### EXERCISE
Any picture must be dropped, but each line of the data should be duplicated exactly.

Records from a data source
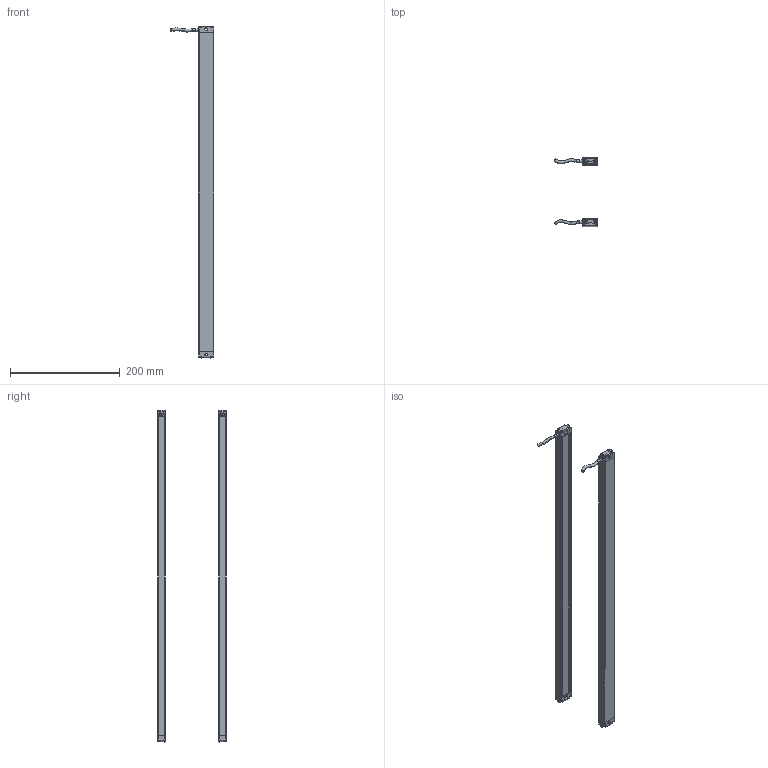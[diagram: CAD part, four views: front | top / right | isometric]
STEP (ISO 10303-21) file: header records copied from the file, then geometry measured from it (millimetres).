
FILE_DESCRIPTION(/* description */ (''),/* implementation_level */ '2;1');
FILE_NAME(/* name */ '5810(13X28W).stp',/* time_stamp */ '2023-08-24T10:17:11+08:00',/* author */ (''),/* organization */ (''),/* preprocessor_version */ 'ST-DEVELOPER v16.7',/* originating_system */ 'SIEMENS PLM Software NX 12.0',/* authorisation */ '');
FILE_SCHEMA (('AP203_CONFIGURATION_CONTROLLED_3D_DESIGN_OF_MECHANICAL_PARTS_AND_ASSEMBLIES_MIM_LF { 1 0 10303 403 2 1 2}'));
Length unit declared in the file: millimetre
Products named in the file (1): 5610_13X28W__stp
Bounding box: 79.6 x 125.02 x 606 mm (x, y, z)
Volume: 177589.8 mm3; surface area: 235665 mm2
Topology: 10 solids, 10 shells, 760 faces, 2158 edges, 1427 vertices
Faces by surface type: plane 356, cylinder 312, torus 52, bspline 40
Entity records: 28396 total; most frequent: CARTESIAN_POINT 8731, ORIENTED_EDGE 4316, DIRECTION 3801, EDGE_CURVE 2158, VERTEX_POINT 1427, AXIS2_PLACEMENT_3D 1293, LINE 1215, VECTOR 1215

### ANSWER TO THIS PROBLEM
[diagram: CAD part, four views: front | top / right | isometric]
STEP (ISO 10303-21) file: header records copied from the file, then geometry measured from it (millimetres).
FILE_DESCRIPTION(/* description */ (''),/* implementation_level */ '2;1');
FILE_NAME(/* name */ '5810(13X28W).stp',/* time_stamp */ '2023-08-24T10:17:11+08:00',/* author */ (''),/* organization */ (''),/* preprocessor_version */ 'ST-DEVELOPER v16.7',/* originating_system */ 'SIEMENS PLM Software NX 12.0',/* authorisation */ '');
FILE_SCHEMA (('AP203_CONFIGURATION_CONTROLLED_3D_DESIGN_OF_MECHANICAL_PARTS_AND_ASSEMBLIES_MIM_LF { 1 0 10303 403 2 1 2}'));
Length unit declared in the file: millimetre
Products named in the file (1): 5610_13X28W__stp
Bounding box: 79.6 x 125.02 x 606 mm (x, y, z)
Volume: 177589.8 mm3; surface area: 235665 mm2
Topology: 10 solids, 10 shells, 760 faces, 2158 edges, 1427 vertices
Faces by surface type: plane 356, cylinder 312, torus 52, bspline 40
Entity records: 28396 total; most frequent: CARTESIAN_POINT 8731, ORIENTED_EDGE 4316, DIRECTION 3801, EDGE_CURVE 2158, VERTEX_POINT 1427, AXIS2_PLACEMENT_3D 1293, LINE 1215, VECTOR 1215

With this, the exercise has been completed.